The following are additional features proposed by T.M. for inclusion in the QC workflow. Short explanations of why each might be useful are included.
- Option to provide input data to QC workflow using a CSV file (e.g., from a DwC archive) as input.
- Currently the QC workflow uses a query provided as a command-line option to retrieve input data from a MongoDB database.
- Users may want to provide data in the form of CSV file so that loading input data into MongoDB instance is not needed.
- When MongoDB query is used to provide input to workflow, option to write out that input data set as a CSV file.
- When the workflow is run using data in MongoDB as input, no record is made of the actual data passed into the workflow.

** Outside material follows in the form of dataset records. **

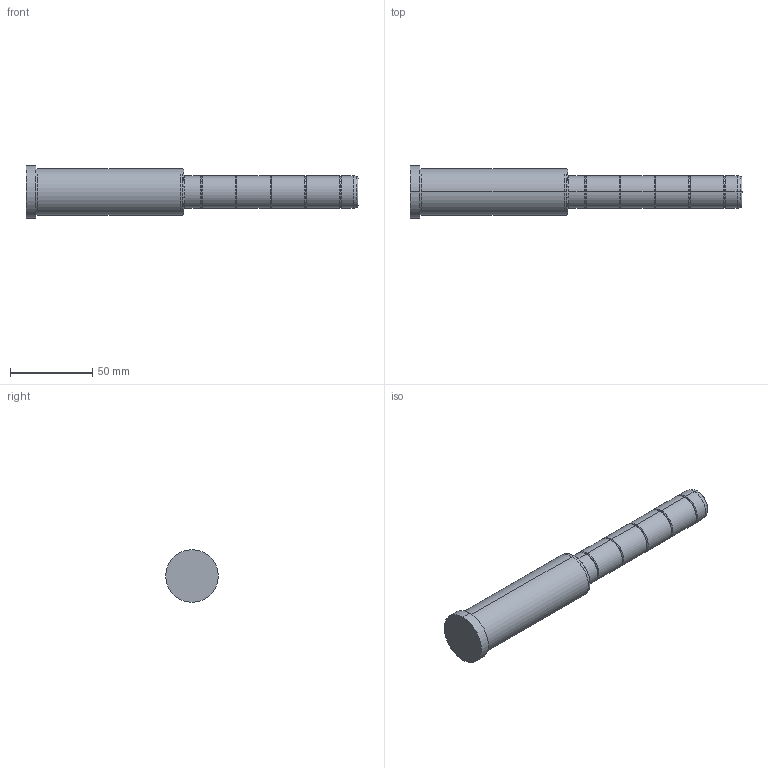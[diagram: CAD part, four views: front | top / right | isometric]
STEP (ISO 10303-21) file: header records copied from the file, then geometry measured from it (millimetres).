
FILE_DESCRIPTION( ( 'STEP AP203' ), '1' );
FILE_NAME( 'C:/Projects/D02 - 20x96x106.step', '2003-01-04T13:45:33', ( ' ' ), ( ' ' ), 'XStep 1.0', ' ', ' ' );
FILE_SCHEMA( ( 'CONFIG_CONTROL_DESIGN' ) );
Length unit declared in the file: metre
Products named in the file (1): 1
Bounding box: 202 x 32 x 32 mm (x, y, z)
Volume: 93412.2 mm3; surface area: 16857.1 mm2
Topology: 1 solids, 1 shells, 54 faces, 106 edges, 58 vertices
Faces by surface type: bspline 30, revolution 24
Entity records: 1721 total; most frequent: CARTESIAN_POINT 717, ORIENTED_EDGE 212, DIRECTION 166, EDGE_CURVE 106, AXIS2_PLACEMENT_3D 59, EDGE_LOOP 58, VERTEX_POINT 58, CIRCLE 58

- Given that the deta in MongoDB could change following the workflow run, provenance is being lost.
- It also could be useful for users to subset their input data set manually using a CSV file and then run the workflow again using this subset (see 1 above).
- Preservation of original data values in records passed between actors.
- Data validation actors in the QC workflow currently overwrite the original values in the record fields for which they propose updated values.
- Although comments added as new fields into the records record the original values, these are not as easily read programmatically, e.g. by a user of the report spreadsheet.
- Overwriting values also means that downstream actors cannot access the original values and propose alternative values based on the originals.
- Actor for outputting the results spreadsheet (or CSV file) automatically at the end of the workflow run.
- Currently the QC workflow writes its output to a MongoDB instance. A separate program is used to generate the report spreadsheet from these results in MongoDB.
- Users may want to use the results of a workflow run without having to query a MongoDB database to evaluate the results of a workflow run.
- Based on command line options the workflow could output a report spreadsheet, a CSV file, or both.
- Inclusion of original fields in results spreadsheet to ease direct comparison with input data.